Your job is to set down the stretch of entries that opens with the line containing "#17865 = CARTESIAN_POINT" and closes with the line containing "#26030 = EDGE_CURVE". Keep both end lines, copy each exactly, and add nothing.
#### DATA RECORDS ####
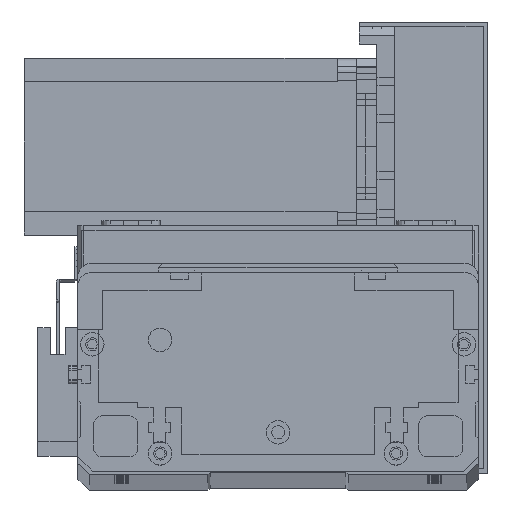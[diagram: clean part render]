
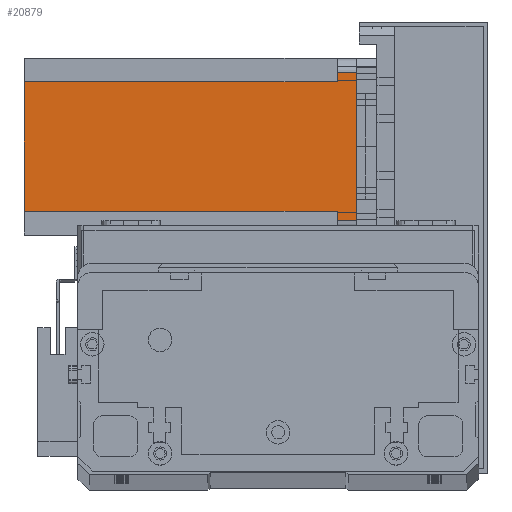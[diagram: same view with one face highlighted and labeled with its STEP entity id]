
A CAD part, top view. The second image highlights one B-rep face of the part: STEP entity #20879.
In plain terms, the highlighted planar face has unit normal (0, 0, 1) as drawn and (0, 1, 0) by its records, which use the part's own axes.
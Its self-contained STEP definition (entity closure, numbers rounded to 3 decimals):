
#105 = LINE ( 'NONE', #10124, #7589 ) ;
#565 = VERTEX_POINT ( 'NONE', #23659 ) ;
#662 = ORIENTED_EDGE ( 'NONE', *, *, #30536, .T. ) ;
#840 = EDGE_CURVE ( 'NONE', #6958, #5098, #11493, .T. ) ;
#2331 = DIRECTION ( 'NONE',  ( 0., 0., -1. ) ) ;
#2835 = AXIS2_PLACEMENT_3D ( 'NONE', #28943, #14754, #31235 ) ;
#3835 = CARTESIAN_POINT ( 'NONE',  ( 8., 60., -6.5 ) ) ;
#4399 = LINE ( 'NONE', #26582, #10970 ) ;
#4905 = VECTOR ( 'NONE', #25795, 1000. ) ;
#5098 = VERTEX_POINT ( 'NONE', #22344 ) ;
#6252 = VECTOR ( 'NONE', #8817, 1000. ) ;
#6958 = VERTEX_POINT ( 'NONE', #30063 ) ;
#7153 = LINE ( 'NONE', #17865, #19285 ) ;
#7421 = PLANE ( 'NONE',  #2835 ) ;
#7589 = VECTOR ( 'NONE', #14880, 1000. ) ;
#7597 = VECTOR ( 'NONE', #28684, 1000. ) ;
#8810 = EDGE_CURVE ( 'NONE', #565, #5098, #31119, .T. ) ;
#8817 = DIRECTION ( 'NONE',  ( -1., 0., 0. ) ) ;
#9396 = VERTEX_POINT ( 'NONE', #28182 ) ;
#9412 = ORIENTED_EDGE ( 'NONE', *, *, #23720, .F. ) ;
#10124 = CARTESIAN_POINT ( 'NONE',  ( 52., 60., -6.5 ) ) ;
#10970 = VECTOR ( 'NONE', #2331, 1000. ) ;
#11054 = DIRECTION ( 'NONE',  ( 0., 0., -1. ) ) ;
#11203 = CARTESIAN_POINT ( 'NONE',  ( 55., 60., -112.5 ) ) ;
#11493 = LINE ( 'NONE', #27126, #4905 ) ;
#11650 = CARTESIAN_POINT ( 'NONE',  ( 8., 60., -112.5 ) ) ;
#12334 = DIRECTION ( 'NONE',  ( -1., 0., 0. ) ) ;
#12731 = CARTESIAN_POINT ( 'NONE',  ( 8., 60., -6.5 ) ) ;
#13112 = CARTESIAN_POINT ( 'NONE',  ( 0., 60., 0. ) ) ;
#14078 = LINE ( 'NONE', #23987, #7597 ) ;
#14754 = DIRECTION ( 'NONE',  ( 0., 1., 0. ) ) ;
#14880 = DIRECTION ( 'NONE',  ( 1., 0., 0. ) ) ;
#15385 = ORIENTED_EDGE ( 'NONE', *, *, #840, .T. ) ;
#15461 = DIRECTION ( 'NONE',  ( -1., 0., 0. ) ) ;
#16350 = EDGE_CURVE ( 'NONE', #565, #18822, #17866, .T. ) ;
#16494 = ORIENTED_EDGE ( 'NONE', *, *, #8810, .F. ) ;
#17866 = LINE ( 'NONE', #11203, #28925 ) ;
#17865 = CARTESIAN_POINT ( 'NONE',  ( 0., 60., -112.5 ) ) ;
#17941 = EDGE_CURVE ( 'NONE', #9396, #18822, #105, .T. ) ;
#18079 = FACE_OUTER_BOUND ( 'NONE', #21704, .T. ) ;
#18659 = VECTOR ( 'NONE', #12334, 1000. ) ;
#18822 = VERTEX_POINT ( 'NONE', #28000 ) ;
#19285 = VECTOR ( 'NONE', #15461, 1000. ) ;
#20879 = ADVANCED_FACE ( 'NONE', ( #18079 ), #7421, .T. ) ;
#21704 = EDGE_LOOP ( 'NONE', ( #16494, #22729, #21786, #9412, #28342, #21985, #662, #15385 ) ) ;
#21786 = ORIENTED_EDGE ( 'NONE', *, *, #17941, .F. ) ;
#21985 = ORIENTED_EDGE ( 'NONE', *, *, #26030, .F. ) ;
#22344 = CARTESIAN_POINT ( 'NONE',  ( 5., 60., 0. ) ) ;
#22729 = ORIENTED_EDGE ( 'NONE', *, *, #16350, .T. ) ;
#23659 = CARTESIAN_POINT ( 'NONE',  ( 55., 60., 0. ) ) ;
#23720 = EDGE_CURVE ( 'NONE', #23798, #9396, #14078, .T. ) ;
#23798 = VERTEX_POINT ( 'NONE', #28871 ) ;
#23987 = CARTESIAN_POINT ( 'NONE',  ( 52., 60., -112.5 ) ) ;
#25288 = EDGE_CURVE ( 'NONE', #23798, #27670, #7153, .T. ) ;
#25469 = LINE ( 'NONE', #3835, #6252 ) ;
#25795 = DIRECTION ( 'NONE',  ( 0., 0., 1. ) ) ;
#26030 = EDGE_CURVE ( 'NONE', #28518, #27670, #4399, .T. ) ;
#26582 = CARTESIAN_POINT ( 'NONE',  ( 8., 60., -112.5 ) ) ;
#27126 = CARTESIAN_POINT ( 'NONE',  ( 5., 60., -112.5 ) ) ;
#27670 = VERTEX_POINT ( 'NONE', #11650 ) ;
#28000 = CARTESIAN_POINT ( 'NONE',  ( 55., 60., -6.5 ) ) ;
#28182 = CARTESIAN_POINT ( 'NONE',  ( 52., 60., -6.5 ) ) ;
#28342 = ORIENTED_EDGE ( 'NONE', *, *, #25288, .T. ) ;
#28518 = VERTEX_POINT ( 'NONE', #12731 ) ;
#28684 = DIRECTION ( 'NONE',  ( 0., 0., 1. ) ) ;
#28871 = CARTESIAN_POINT ( 'NONE',  ( 52., 60., -112.5 ) ) ;
#28925 = VECTOR ( 'NONE', #11054, 1000. ) ;
#28943 = CARTESIAN_POINT ( 'NONE',  ( 0., 60., -112.5 ) ) ;
#30063 = CARTESIAN_POINT ( 'NONE',  ( 5., 60., -6.5 ) ) ;
#30536 = EDGE_CURVE ( 'NONE', #28518, #6958, #25469, .T. ) ;
#31119 = LINE ( 'NONE', #13112, #18659 ) ;
#31235 = DIRECTION ( 'NONE',  ( 0., 0., 1. ) ) ;
####
= OUTPUT OF THE EXERCISE =
#17865 = CARTESIAN_POINT ( 'NONE',  ( 0., 60., -112.5 ) ) ;
#17941 = EDGE_CURVE ( 'NONE', #9396, #18822, #105, .T. ) ;
#18079 = FACE_OUTER_BOUND ( 'NONE', #21704, .T. ) ;
#18659 = VECTOR ( 'NONE', #12334, 1000. ) ;
#18822 = VERTEX_POINT ( 'NONE', #28000 ) ;
#19285 = VECTOR ( 'NONE', #15461, 1000. ) ;
#20879 = ADVANCED_FACE ( 'NONE', ( #18079 ), #7421, .T. ) ;
#21704 = EDGE_LOOP ( 'NONE', ( #16494, #22729, #21786, #9412, #28342, #21985, #662, #15385 ) ) ;
#21786 = ORIENTED_EDGE ( 'NONE', *, *, #17941, .F. ) ;
#21985 = ORIENTED_EDGE ( 'NONE', *, *, #26030, .F. ) ;
#22344 = CARTESIAN_POINT ( 'NONE',  ( 5., 60., 0. ) ) ;
#22729 = ORIENTED_EDGE ( 'NONE', *, *, #16350, .T. ) ;
#23659 = CARTESIAN_POINT ( 'NONE',  ( 55., 60., 0. ) ) ;
#23720 = EDGE_CURVE ( 'NONE', #23798, #9396, #14078, .T. ) ;
#23798 = VERTEX_POINT ( 'NONE', #28871 ) ;
#23987 = CARTESIAN_POINT ( 'NONE',  ( 52., 60., -112.5 ) ) ;
#25288 = EDGE_CURVE ( 'NONE', #23798, #27670, #7153, .T. ) ;
#25469 = LINE ( 'NONE', #3835, #6252 ) ;
#25795 = DIRECTION ( 'NONE',  ( 0., 0., 1. ) ) ;
#26030 = EDGE_CURVE ( 'NONE', #28518, #27670, #4399, .T. ) ;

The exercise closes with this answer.